So I called DTV and the CSR said she hadn't seen the code but that a common fix for WHDVR issues is to have them reboot all receivers at the same time. She seemed to think that there was also some difference in a reboot initiated by DTV versus me doing it on the unit. 

The answer is that rebooting both DVRs at the same time fixed the problem. Hmmm ... after we did that, I had wondered if I would have had a chance to reboot the Bedroom DVR on its own if that might have fixed the issue? 

I looked around and found mostly old threads on this but one newer one where the guy fixed the same error message by switching network ports on his router. I am a computer guy so I have remoted into the Wireless DECA and configured it with a static IP. I have a NetGear WNDR3700 and I have messed with my LAN DHCP range so the DirecTV receivers and my LAN don't collide. The DVRs have fixed IPs above the DHCP range. All the computers have DHCP reservations even including my kid's DSi's on the Guest network so I'm pretty certain of the IP of any devices running on my network.
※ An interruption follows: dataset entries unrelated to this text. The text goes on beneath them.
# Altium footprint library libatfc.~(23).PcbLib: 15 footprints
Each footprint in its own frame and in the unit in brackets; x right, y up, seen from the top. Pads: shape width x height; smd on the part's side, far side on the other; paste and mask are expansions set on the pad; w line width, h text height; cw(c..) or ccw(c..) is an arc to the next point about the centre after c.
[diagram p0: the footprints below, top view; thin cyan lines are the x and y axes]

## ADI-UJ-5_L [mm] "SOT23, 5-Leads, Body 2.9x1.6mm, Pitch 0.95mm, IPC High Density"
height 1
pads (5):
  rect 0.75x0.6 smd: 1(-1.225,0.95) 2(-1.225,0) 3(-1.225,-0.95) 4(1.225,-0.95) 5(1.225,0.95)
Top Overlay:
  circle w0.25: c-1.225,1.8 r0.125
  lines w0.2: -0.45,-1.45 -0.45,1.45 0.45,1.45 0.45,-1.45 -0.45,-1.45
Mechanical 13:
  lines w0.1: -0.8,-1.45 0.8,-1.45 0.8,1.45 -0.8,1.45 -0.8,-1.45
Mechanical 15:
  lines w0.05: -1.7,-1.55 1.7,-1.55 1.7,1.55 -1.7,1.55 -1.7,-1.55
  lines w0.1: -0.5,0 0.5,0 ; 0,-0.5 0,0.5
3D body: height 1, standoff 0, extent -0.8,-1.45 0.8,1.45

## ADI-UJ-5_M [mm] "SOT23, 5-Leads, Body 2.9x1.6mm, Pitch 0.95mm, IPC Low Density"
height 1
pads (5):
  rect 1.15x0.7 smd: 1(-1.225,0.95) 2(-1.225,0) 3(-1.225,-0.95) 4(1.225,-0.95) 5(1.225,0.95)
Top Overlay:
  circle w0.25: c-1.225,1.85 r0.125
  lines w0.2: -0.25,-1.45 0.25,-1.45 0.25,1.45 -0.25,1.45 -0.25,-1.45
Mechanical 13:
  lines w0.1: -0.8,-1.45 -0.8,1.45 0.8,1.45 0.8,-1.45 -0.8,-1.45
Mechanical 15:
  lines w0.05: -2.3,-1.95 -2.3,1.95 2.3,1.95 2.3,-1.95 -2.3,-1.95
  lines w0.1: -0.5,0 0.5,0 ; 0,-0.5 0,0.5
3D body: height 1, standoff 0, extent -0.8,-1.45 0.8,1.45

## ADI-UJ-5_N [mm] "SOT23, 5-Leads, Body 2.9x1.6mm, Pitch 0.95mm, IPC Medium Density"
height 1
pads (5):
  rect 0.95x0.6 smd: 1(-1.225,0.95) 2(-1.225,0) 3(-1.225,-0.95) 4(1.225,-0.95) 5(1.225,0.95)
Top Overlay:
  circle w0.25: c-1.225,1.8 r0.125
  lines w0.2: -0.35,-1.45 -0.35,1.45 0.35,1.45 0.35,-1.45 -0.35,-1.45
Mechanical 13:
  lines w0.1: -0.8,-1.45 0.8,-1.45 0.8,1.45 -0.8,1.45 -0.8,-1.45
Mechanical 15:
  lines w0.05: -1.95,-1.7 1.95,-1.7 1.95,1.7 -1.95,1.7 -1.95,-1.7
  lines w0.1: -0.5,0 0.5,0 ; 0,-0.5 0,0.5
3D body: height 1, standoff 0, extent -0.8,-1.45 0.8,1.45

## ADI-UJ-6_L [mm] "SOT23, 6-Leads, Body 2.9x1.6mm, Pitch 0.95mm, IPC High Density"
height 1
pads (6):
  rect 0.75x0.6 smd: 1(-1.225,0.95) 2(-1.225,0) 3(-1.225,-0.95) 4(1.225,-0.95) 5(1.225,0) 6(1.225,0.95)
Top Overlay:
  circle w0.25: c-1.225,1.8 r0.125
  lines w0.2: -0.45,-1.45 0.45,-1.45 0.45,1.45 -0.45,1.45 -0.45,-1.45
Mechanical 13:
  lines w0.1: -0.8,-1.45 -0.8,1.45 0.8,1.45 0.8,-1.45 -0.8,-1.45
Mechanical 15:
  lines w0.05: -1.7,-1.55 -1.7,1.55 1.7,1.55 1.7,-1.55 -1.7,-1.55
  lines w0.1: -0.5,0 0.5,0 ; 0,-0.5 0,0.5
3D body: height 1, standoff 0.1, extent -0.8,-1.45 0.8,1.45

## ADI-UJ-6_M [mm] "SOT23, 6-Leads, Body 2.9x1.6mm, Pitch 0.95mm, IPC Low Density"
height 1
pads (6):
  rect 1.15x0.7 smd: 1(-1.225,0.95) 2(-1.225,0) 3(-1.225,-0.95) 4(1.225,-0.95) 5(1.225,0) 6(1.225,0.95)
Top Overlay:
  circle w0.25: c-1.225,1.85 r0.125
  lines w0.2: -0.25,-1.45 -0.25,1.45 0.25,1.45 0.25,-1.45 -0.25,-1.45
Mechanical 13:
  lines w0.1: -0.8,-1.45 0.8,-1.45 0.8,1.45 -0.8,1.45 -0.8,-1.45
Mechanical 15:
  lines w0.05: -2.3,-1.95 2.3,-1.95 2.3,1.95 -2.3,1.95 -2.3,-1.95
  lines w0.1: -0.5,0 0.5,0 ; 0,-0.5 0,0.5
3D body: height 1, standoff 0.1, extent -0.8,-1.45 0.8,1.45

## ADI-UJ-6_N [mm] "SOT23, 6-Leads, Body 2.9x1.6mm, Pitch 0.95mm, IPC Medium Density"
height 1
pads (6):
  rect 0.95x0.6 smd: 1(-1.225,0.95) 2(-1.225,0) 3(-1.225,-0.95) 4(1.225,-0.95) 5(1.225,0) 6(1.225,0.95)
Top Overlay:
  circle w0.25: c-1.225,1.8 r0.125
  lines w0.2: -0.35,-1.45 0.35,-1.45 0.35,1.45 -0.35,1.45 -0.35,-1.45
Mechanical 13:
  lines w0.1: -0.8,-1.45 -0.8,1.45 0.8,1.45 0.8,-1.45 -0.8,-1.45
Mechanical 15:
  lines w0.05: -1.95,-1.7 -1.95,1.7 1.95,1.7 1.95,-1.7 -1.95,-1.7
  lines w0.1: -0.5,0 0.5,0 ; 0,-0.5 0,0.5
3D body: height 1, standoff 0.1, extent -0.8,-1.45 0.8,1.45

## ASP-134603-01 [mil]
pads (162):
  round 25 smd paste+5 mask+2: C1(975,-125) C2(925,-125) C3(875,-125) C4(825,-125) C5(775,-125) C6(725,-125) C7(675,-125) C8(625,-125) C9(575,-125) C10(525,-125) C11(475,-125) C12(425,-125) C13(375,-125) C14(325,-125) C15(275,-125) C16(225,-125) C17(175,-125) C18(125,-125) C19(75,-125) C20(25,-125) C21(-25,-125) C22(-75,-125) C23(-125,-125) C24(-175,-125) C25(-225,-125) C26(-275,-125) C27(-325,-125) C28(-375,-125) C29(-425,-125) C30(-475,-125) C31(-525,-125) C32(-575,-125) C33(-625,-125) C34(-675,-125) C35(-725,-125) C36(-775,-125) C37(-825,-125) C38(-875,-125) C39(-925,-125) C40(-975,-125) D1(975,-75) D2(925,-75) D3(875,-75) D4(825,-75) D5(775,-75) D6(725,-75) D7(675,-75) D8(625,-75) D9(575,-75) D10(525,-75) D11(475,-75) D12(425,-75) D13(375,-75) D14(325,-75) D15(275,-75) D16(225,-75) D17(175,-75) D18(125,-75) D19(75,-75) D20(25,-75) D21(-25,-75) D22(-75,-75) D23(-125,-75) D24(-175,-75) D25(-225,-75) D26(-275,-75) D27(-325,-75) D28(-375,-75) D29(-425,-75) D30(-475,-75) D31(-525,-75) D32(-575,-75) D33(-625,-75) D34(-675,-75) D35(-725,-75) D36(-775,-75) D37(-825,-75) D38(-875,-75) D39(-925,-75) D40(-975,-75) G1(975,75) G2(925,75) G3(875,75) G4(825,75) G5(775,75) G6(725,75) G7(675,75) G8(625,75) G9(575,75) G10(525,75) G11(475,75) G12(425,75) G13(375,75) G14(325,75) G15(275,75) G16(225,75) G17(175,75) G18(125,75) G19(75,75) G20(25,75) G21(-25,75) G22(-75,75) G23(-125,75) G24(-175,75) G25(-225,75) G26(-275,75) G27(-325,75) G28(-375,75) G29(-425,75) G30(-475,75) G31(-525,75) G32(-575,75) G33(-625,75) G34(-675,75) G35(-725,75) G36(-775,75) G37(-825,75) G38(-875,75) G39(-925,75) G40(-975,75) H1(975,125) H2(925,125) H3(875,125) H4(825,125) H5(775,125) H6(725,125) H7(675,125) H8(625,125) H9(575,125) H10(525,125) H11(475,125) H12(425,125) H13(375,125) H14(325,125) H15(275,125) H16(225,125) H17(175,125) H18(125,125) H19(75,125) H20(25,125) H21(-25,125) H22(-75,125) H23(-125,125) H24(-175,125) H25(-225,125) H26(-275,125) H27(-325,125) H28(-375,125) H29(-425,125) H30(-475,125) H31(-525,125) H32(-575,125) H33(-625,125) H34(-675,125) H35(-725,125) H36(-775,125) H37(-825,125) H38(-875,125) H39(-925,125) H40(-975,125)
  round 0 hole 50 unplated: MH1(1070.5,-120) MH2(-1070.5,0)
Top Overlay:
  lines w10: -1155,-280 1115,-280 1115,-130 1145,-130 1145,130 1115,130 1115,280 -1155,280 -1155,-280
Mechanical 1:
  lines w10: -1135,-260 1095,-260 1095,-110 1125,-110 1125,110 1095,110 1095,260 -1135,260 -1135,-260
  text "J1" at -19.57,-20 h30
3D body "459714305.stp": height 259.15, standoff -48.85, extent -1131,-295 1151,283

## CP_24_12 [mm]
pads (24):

Anyway, the issue is gone for now but I'm just curious if anyone else has had the same error message and found that the fix was simultaneous rebooting of the DTV receivers? One thread talked about a fix coming out in the software but I'm not sure of the timing. I'm wondering if this will be likely to crop up again in the future.

p.s. -- An interesting thing I saw in my NetGear router is that it shows the same MAC address for the DECAW IP and the two DVRs if I catch them through subsequent refreshes but never at the same time. Is that typical for the bridge to see just the device that happens to be talking at one moment? The MAC shown in the router doesn't jive with the DECAW status page ether (shown below) ...

Model Number : DCAW1R0-01
Serial Number : XED3A1113A1419
System Firmware Version : DECA-W-J715-V0.026S-T004
Wireless Firmware Version : 3.1.0.11.14.WNC.1.1.exported.PcieG3.ReleaseMoCA
Firmware Version : EN2210.2.7.2.31
--------------------------------------------------------------------------------

MAC Address: 00:0B:6B:FE:89:F1
Bridge IP Address: 192.168.1.120
Subnet Mask: 255.255.255.0
Secondary IP: 192.168.1.231
MoCA MAC Address: 00:0B:6B:FE:89:F2

NetGear WNDR3700 shows ...
192.168.1.122 00:0B:6B:FF:E3:2A

or 121 or 120 sometimes.

The secondary IP even PINGs ... what an interesting little world! ;-)


----------



## veryoldschool

Error 72 = Cannot detect dial tone, but Internet connection good. 

Error 79 = Indicates that the network connection has dropped multiple MRV sessions over the past 5 days.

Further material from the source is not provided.